What Are the Advantages of a Smart City?


Avoiding traffic jams, environmentally friendly local transport or intelligent waste collection saves a lot of exhaust gases.

Increase in the quality of life

Avoiding traffic jams for hours or adjusting the temperature in buildings helps to improve the quality of life.

Planning ahead

With the help of BIM and forward-looking urban planning, an efficient and well-considered cityscape is created.

Swarm intelligence

The collected data comes from millions of people within the urban agglomeration, and together they provide significant data.

What Role Does Bim Play in a Smart City?

Growing urbanization worldwide means more buildings and urban living spaces are required. BIM is the best way to plan these efficiently and accordingly, plan ahead. Especially in cities that are expecting major growth, it is more important than ever to stay on time and on budget. The construction of new buildings, whether private or commercial, requires a lot of planning and even before the actual construction, the technological components as well as the efficiency of the building during operation should be determined. With the help of BIM, this is possible and ensures a smooth project flow from planning to operation of the building. Thanks to the digital twin, it is also possible to design buildings smartly (Smart Building).

A distinction should be made between smart buildings and smart homes. A Smart Building is mainly used in commercial spaces, such as office buildings or shopping centres. It is a building automation system that, in contrast to the smart home, refers to the entire building and not to an individual residential unit. The most important difference between smart building and smart home is that the former refers to commercial buildings, while the smart home serves private households. In a smart building, the technical components are recorded and automated together. Here, the main focus is on safety energy efficiency. Particular attention is paid to energy efficiency in large logistics halls, airports, hospitals or factories. Automatic temperature, light and heating regulation within a building serves as an example to save electricity and heating costs.

A smart home, on the other hand, is the networking of individual household objects. There are already many ways to set up your own smart home, such as controlling the lamps or the lawn mower via an app.

Criticism of the Smart City

There are many voices against the further development of the smart city. They say it is a surveillance tool and in a way it is true: data is collected and stored in a public cloud. In fact, we are already in a city life in which the majority of people pass on data to Google by using Google Maps or reveals its shopping behaviour with the Payback card. With the smart city, this can take on other dimensions. A streetlight is already being designed that is equipped with pedestrian recognition, number plate recognition and an environmental sensor. In addition to the many advantages from a technological, sustainability and time perspective, the disadvantages of this new strategy must also be considered. Data can be hacked and sold for other purposes.

However, there are some arguments against this.
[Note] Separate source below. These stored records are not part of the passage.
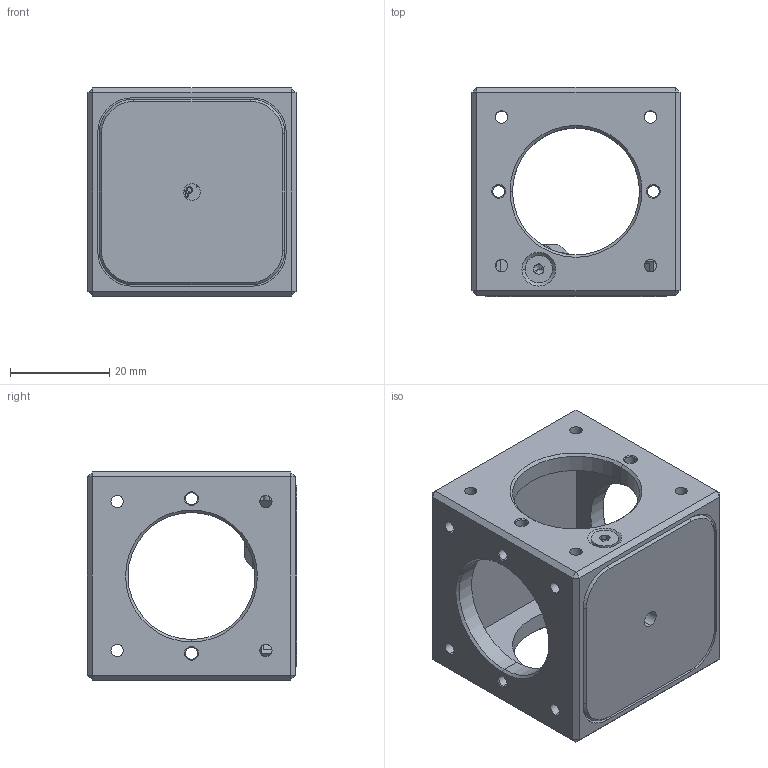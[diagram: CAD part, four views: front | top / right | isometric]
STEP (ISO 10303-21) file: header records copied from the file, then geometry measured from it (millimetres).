
FILE_DESCRIPTION (( 'STEP AP203' ), '1' );
FILE_NAME ('CSC1-3L.STEP', '2024-03-28T03:19:32', ( '' ), ( '' ), 'SwSTEP 2.0', 'SolidWorks 2021', '' );
FILE_SCHEMA (( 'CONFIG_CONTROL_DESIGN' ));
Length unit declared in the file: millimetre
Products named in the file (1): CSC1-3L
Bounding box: 42 x 42.2 x 42 mm (x, y, z)
Surface area: 16321.3 mm2 (no closed solid volume)
Topology: 0 solids, 16 shells, 351 faces, 1698 edges, 1333 vertices
Faces by surface type: plane 196, cylinder 96, cone 45, bspline 14
Entity records: 19945 total; most frequent: CARTESIAN_POINT 6925, DIRECTION 2439, ORIENTED_EDGE 2368, EDGE_CURVE 1694, VERTEX_POINT 1333, LINE 1217, VECTOR 1217, AXIS2_PLACEMENT_3D 611

For one thing, a smart city is coordinated by a democratically elected city administration and government, and for another, most people own devices that collect data from them anyway (such as smartphones, wearables, etc.).

Smart City- The Future of the City?

As there are already positive examples of a smart city today, it is to be expected that this new city concept will expand. Especially with 5G technology, it will be possible to use even more data for the smart city and improve it. In the future, there will probably still be disputes about data security and protection, but these will have to be resolved quickly due to the growing population and environmental protection.